------ Given records

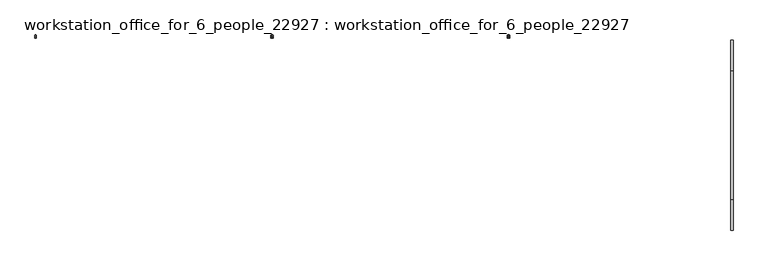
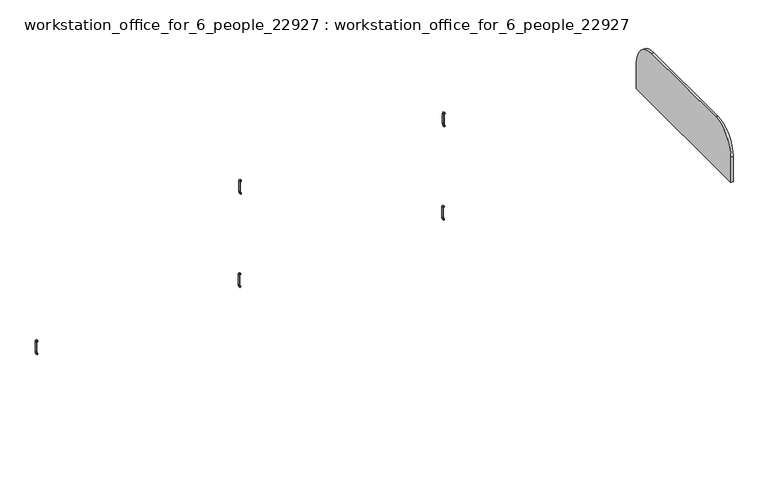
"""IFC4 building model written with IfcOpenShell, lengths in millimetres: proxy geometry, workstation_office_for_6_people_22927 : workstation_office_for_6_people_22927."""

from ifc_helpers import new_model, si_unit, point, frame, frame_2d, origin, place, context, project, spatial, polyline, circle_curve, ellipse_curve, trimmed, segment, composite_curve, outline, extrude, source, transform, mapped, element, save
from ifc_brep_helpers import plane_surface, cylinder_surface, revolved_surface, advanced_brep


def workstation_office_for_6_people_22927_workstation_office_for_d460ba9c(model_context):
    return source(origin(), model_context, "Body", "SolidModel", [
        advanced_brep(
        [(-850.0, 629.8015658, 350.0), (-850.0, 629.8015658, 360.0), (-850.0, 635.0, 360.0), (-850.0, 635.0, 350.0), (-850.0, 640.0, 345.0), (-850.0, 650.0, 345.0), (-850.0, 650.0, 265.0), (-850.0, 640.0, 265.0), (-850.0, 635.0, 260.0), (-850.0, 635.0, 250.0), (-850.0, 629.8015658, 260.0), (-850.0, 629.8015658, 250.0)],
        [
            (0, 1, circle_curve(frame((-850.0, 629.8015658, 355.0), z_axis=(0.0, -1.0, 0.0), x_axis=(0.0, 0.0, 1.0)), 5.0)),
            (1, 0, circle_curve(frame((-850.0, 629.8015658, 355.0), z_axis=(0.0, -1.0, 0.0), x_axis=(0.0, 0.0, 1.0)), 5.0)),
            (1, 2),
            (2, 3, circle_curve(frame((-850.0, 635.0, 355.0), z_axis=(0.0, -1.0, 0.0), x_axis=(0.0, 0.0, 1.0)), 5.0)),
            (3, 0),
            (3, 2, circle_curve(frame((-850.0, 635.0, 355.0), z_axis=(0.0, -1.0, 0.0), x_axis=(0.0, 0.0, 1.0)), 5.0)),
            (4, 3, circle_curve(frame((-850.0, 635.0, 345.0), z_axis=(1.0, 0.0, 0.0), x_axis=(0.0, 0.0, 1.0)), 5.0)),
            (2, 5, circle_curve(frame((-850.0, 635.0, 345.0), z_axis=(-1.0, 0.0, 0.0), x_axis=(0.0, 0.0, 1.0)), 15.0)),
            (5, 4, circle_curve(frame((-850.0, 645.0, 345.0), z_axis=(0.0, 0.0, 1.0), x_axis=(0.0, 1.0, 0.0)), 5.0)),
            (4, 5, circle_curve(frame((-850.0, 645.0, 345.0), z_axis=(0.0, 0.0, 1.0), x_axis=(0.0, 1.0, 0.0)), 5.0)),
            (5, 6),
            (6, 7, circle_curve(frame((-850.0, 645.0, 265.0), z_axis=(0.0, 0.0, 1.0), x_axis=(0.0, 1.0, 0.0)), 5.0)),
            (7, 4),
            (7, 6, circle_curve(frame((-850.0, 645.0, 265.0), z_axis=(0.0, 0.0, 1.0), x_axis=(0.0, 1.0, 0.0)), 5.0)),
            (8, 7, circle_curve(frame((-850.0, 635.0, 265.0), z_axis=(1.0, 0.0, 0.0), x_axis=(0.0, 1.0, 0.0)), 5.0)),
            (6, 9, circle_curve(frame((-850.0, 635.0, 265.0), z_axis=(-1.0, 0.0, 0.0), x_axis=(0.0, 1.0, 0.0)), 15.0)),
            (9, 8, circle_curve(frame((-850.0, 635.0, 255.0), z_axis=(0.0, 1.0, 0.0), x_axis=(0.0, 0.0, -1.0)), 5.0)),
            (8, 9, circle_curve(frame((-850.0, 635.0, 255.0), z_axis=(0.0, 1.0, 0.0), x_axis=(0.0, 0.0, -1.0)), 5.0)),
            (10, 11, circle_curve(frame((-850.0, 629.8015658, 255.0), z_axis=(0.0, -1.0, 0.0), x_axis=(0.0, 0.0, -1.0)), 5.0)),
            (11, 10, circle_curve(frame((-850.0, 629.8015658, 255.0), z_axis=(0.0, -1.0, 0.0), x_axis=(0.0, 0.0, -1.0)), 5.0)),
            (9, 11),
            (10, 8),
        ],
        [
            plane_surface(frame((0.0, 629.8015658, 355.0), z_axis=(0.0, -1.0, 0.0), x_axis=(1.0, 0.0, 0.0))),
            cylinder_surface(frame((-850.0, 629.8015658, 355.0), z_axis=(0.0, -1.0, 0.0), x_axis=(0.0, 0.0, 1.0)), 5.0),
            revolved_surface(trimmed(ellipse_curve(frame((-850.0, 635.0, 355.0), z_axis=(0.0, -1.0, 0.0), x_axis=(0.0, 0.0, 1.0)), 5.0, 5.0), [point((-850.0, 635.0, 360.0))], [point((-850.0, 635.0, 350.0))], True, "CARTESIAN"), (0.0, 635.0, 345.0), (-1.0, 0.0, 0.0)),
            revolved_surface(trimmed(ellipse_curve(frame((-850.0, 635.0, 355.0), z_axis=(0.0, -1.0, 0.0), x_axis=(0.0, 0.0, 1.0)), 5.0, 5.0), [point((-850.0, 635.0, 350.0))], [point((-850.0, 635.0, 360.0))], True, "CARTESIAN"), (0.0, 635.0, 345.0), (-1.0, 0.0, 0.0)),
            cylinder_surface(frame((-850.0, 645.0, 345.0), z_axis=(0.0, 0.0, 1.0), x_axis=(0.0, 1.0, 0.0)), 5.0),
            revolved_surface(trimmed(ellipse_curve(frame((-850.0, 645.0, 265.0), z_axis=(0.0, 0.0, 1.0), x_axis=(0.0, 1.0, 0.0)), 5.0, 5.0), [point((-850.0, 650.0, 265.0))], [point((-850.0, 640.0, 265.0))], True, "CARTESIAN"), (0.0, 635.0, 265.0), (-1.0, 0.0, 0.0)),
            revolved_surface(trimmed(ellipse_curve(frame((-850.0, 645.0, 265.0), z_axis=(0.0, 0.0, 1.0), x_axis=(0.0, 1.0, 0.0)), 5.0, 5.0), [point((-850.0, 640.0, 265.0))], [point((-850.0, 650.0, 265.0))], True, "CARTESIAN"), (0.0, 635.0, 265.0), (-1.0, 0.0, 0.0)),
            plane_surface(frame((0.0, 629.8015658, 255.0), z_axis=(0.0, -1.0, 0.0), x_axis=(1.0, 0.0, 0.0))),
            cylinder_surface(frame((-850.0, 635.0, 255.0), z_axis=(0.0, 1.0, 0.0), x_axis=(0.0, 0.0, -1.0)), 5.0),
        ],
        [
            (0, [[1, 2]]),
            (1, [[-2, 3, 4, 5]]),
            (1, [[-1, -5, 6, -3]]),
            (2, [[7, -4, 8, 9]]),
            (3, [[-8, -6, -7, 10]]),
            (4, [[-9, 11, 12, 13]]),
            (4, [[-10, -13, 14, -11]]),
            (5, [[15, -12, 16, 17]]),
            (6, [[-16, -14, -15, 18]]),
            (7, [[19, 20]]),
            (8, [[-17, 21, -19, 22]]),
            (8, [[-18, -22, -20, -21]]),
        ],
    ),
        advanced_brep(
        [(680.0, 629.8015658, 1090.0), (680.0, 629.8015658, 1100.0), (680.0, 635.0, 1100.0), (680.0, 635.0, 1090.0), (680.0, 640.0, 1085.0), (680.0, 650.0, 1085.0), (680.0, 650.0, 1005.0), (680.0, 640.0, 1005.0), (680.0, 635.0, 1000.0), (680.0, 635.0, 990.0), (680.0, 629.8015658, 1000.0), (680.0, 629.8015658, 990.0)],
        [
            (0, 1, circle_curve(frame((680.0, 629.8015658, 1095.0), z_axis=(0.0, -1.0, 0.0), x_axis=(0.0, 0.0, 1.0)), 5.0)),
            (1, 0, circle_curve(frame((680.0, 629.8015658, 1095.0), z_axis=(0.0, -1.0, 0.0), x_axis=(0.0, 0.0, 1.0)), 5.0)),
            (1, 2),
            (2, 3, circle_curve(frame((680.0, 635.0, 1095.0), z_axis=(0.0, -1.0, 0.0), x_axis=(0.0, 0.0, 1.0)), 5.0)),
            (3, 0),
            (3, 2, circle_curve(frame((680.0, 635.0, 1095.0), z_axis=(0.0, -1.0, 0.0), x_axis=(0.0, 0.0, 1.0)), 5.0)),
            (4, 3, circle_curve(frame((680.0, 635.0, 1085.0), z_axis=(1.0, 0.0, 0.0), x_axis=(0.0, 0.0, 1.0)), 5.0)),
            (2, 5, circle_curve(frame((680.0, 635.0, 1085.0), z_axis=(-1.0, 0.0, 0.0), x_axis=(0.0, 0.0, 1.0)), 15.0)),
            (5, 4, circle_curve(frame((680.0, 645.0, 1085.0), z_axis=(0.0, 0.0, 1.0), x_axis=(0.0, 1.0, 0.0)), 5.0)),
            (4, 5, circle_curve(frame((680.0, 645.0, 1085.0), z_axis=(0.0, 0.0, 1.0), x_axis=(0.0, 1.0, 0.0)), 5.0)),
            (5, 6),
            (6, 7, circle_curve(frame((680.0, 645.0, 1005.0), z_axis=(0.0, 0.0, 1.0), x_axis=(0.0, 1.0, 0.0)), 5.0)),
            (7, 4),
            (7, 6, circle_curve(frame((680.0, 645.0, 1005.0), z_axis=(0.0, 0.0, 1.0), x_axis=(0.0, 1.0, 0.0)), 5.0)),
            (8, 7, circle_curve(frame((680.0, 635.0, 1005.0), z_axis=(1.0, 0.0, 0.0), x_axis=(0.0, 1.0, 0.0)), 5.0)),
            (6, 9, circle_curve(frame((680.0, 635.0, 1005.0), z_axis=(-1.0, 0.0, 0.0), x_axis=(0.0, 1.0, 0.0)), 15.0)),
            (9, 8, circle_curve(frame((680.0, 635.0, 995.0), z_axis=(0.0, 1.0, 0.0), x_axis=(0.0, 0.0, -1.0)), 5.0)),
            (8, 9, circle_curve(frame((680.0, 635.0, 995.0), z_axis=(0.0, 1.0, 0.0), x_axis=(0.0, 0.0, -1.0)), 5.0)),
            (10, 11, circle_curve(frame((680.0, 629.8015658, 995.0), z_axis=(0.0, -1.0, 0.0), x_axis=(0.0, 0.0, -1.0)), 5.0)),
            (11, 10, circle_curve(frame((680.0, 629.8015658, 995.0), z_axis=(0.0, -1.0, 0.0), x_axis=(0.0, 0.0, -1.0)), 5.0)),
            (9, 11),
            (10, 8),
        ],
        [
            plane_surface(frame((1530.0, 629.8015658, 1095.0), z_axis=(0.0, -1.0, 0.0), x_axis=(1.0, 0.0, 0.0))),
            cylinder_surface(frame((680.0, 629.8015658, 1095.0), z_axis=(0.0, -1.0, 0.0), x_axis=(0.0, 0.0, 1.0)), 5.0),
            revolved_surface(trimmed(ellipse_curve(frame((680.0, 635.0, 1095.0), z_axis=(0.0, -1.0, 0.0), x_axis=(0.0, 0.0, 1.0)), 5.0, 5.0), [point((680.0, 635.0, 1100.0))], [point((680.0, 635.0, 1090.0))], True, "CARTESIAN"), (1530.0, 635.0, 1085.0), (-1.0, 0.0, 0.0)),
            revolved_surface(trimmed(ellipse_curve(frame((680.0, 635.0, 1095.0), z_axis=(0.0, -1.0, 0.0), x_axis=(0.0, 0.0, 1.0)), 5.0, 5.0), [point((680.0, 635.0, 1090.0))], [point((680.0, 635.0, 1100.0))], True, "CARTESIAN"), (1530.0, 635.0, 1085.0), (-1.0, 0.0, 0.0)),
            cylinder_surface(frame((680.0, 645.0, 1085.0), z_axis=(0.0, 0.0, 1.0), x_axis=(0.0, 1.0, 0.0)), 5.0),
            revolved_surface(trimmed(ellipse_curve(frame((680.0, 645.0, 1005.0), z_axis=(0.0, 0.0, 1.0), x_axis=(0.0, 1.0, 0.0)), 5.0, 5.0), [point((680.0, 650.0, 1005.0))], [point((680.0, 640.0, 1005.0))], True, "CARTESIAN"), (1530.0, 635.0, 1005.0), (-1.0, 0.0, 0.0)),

------------

Task to complete | The answer must consist of every line from the data that contains the word "source".

Result of this exercise |
from ifc_helpers import new_model, si_unit, point, frame, frame_2d, origin, place, context, project, spatial, polyline, circle_curve, ellipse_curve, trimmed, segment, composite_curve, outline, extrude, source, transform, mapped, element, save
    return source(origin(), model_context, "Body", "SolidModel", [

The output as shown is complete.